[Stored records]

__________________________________________________

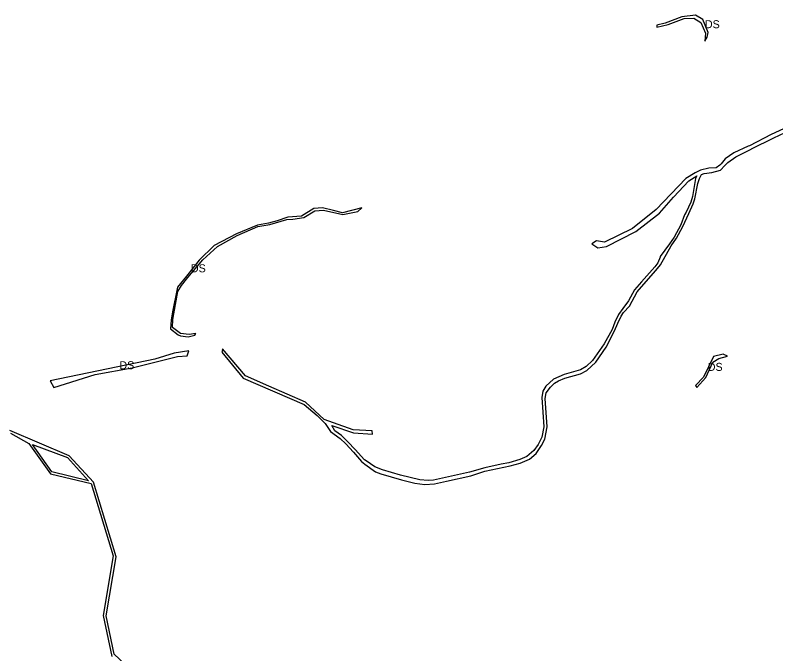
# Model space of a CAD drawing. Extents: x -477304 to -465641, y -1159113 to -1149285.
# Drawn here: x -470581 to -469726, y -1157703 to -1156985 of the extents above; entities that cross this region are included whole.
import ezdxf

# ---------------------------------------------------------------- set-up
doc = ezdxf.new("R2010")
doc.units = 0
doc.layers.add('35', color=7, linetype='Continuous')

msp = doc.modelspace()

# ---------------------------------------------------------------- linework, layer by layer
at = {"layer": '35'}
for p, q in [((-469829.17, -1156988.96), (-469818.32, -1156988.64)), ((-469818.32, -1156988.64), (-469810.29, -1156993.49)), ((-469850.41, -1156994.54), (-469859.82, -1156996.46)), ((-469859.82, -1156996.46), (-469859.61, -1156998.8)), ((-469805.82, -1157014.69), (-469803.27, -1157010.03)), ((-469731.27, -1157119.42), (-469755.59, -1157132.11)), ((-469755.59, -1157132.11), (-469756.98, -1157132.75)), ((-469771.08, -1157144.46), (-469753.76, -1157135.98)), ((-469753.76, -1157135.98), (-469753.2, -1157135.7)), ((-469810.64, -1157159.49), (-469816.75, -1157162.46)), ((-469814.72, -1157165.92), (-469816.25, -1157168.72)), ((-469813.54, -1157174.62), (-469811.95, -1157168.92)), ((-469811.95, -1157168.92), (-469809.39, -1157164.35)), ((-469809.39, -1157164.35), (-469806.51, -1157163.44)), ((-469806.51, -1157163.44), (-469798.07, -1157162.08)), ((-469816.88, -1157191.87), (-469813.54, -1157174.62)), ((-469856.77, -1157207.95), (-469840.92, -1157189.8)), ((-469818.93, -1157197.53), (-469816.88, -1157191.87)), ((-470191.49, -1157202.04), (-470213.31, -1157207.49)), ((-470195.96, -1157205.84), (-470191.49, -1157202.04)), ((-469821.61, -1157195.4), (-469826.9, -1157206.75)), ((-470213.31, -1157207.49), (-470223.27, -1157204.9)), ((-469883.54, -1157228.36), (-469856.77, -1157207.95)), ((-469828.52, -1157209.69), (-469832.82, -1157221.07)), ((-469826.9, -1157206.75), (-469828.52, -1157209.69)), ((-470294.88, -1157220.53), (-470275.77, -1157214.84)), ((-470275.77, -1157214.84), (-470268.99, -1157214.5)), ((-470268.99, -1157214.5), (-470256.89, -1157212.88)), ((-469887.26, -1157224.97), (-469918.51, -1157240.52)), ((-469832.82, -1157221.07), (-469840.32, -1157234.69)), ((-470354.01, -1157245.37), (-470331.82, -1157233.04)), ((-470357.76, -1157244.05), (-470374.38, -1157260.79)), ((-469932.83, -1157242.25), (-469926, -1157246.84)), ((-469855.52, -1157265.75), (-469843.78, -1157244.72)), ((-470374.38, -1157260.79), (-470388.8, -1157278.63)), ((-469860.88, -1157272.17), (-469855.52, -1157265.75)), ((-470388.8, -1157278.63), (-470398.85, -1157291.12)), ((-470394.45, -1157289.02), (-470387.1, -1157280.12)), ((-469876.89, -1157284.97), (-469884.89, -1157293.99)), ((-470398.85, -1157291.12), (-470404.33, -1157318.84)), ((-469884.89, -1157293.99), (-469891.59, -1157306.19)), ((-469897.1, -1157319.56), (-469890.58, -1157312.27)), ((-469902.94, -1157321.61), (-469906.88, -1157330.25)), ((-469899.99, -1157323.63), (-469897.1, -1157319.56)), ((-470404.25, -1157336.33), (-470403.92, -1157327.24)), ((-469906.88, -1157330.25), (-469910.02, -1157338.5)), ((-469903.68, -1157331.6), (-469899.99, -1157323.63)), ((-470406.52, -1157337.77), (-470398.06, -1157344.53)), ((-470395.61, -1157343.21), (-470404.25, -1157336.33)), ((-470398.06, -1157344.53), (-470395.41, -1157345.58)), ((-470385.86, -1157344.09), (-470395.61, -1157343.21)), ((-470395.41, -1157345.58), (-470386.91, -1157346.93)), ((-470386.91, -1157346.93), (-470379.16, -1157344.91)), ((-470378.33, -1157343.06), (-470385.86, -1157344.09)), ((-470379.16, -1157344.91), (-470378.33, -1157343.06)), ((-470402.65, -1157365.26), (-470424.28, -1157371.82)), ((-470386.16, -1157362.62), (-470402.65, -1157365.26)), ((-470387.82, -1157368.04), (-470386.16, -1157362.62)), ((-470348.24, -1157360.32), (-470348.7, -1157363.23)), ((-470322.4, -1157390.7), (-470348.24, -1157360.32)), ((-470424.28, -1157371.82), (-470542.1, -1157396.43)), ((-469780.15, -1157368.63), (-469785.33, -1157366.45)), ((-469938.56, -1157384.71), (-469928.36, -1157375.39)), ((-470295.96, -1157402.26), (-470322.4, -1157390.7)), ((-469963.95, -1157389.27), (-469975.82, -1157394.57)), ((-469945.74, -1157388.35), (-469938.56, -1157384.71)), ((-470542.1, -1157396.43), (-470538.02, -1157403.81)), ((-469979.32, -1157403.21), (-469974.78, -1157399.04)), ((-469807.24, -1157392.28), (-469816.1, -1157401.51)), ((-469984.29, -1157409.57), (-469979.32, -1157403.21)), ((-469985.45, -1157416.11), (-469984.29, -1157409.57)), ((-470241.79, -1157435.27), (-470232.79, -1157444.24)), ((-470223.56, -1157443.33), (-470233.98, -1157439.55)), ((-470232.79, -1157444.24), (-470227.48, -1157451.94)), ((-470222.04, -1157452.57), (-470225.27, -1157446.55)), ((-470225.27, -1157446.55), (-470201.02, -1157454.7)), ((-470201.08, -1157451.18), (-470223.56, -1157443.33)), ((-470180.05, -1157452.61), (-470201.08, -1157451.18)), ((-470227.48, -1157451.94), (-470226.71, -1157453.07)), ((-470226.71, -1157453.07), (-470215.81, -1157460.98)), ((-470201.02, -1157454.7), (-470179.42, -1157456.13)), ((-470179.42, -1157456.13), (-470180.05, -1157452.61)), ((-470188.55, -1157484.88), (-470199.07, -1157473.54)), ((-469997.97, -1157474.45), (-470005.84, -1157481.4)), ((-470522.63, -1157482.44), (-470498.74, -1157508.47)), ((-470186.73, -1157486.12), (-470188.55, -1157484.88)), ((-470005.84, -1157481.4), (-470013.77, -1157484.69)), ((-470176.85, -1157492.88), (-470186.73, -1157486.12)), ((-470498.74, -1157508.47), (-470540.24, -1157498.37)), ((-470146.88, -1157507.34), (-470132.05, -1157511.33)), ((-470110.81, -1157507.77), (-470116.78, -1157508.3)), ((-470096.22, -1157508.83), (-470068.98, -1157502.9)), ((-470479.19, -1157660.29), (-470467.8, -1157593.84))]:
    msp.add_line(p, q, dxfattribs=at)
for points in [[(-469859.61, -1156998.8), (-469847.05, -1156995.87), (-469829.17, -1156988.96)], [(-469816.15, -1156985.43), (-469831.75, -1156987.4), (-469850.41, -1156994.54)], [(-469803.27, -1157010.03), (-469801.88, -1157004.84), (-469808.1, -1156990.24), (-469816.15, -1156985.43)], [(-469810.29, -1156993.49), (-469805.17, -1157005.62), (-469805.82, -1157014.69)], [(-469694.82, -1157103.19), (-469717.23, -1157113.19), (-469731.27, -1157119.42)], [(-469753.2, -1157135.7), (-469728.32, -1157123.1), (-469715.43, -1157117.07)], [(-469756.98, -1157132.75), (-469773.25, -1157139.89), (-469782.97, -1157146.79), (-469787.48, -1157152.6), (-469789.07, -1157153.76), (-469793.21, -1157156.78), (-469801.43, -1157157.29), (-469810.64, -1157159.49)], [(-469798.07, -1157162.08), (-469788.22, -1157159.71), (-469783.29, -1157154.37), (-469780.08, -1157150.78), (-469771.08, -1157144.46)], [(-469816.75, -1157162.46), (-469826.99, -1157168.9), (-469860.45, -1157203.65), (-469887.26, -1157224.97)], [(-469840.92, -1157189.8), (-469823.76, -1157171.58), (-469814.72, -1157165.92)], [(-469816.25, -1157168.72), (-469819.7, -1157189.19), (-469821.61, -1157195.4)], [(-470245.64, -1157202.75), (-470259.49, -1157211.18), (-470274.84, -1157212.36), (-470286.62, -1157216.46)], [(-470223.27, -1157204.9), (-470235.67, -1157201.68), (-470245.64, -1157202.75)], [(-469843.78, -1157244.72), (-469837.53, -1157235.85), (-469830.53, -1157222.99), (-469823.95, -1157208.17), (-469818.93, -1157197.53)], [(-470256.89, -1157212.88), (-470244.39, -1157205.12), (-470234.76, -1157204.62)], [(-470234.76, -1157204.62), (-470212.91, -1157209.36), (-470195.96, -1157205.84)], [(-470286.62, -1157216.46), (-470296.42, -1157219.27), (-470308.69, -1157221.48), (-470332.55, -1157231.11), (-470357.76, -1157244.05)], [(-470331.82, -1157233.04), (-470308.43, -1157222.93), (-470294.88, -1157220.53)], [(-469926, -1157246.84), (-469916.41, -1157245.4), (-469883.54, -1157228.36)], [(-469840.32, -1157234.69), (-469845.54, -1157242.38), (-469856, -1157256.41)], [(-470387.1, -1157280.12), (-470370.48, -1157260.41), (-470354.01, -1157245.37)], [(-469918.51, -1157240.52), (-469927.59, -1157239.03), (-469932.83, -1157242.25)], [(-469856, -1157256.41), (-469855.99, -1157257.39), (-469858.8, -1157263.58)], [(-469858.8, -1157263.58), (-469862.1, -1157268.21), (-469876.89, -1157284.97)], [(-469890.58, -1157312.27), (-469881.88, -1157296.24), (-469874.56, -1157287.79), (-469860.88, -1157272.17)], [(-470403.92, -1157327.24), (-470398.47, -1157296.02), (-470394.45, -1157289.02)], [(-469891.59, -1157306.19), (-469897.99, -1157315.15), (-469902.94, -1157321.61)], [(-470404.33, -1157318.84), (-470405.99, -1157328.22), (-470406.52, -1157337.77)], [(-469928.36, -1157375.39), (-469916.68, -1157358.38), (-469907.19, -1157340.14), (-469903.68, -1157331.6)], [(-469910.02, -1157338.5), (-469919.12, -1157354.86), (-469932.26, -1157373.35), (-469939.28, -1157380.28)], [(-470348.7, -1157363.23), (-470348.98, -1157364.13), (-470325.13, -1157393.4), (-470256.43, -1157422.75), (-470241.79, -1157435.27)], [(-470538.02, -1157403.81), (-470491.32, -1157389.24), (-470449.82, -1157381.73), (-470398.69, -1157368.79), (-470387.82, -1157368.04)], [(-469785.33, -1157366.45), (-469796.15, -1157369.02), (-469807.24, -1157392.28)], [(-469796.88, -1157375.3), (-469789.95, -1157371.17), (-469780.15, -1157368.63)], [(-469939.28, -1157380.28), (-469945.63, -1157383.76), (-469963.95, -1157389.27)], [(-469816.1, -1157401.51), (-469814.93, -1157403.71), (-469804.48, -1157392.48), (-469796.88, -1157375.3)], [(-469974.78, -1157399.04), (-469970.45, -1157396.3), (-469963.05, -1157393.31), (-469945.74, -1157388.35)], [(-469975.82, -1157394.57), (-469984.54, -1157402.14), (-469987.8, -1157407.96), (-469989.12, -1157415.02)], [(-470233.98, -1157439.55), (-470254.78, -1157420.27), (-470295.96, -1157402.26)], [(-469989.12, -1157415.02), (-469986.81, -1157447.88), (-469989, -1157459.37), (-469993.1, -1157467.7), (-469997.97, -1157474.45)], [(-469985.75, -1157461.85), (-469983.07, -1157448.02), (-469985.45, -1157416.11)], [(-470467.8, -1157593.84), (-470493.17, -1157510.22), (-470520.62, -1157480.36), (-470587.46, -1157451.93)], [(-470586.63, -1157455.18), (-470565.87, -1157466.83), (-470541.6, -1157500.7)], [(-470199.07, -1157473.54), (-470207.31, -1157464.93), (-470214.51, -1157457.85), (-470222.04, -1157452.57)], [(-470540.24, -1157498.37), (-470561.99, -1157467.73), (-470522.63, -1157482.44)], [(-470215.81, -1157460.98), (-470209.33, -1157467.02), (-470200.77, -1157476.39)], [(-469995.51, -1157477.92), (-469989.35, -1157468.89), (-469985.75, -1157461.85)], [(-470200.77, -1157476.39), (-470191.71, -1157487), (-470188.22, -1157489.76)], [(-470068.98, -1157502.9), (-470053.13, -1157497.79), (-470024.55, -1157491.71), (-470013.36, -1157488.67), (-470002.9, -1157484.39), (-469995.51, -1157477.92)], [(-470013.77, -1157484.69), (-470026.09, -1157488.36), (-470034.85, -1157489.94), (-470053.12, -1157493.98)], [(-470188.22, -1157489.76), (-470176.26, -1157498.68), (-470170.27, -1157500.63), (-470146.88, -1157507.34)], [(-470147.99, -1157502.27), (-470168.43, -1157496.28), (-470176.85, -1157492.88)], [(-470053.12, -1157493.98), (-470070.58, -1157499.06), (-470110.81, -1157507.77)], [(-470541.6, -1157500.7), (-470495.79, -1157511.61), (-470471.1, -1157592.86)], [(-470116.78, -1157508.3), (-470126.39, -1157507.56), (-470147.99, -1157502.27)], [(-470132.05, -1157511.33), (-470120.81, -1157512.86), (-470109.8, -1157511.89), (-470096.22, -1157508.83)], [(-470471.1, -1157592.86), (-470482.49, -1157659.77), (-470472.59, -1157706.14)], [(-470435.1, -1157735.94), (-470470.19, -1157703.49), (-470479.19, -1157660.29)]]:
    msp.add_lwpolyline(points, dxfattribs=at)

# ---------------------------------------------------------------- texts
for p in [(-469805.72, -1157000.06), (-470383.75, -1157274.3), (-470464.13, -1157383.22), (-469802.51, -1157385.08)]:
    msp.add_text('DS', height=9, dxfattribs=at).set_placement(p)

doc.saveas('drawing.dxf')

__________________________________________________

» EXERCISE GOAL
Only the number is wanted: how many lines in the data include the string "drawing"?

» RESULT OF THE TASK
2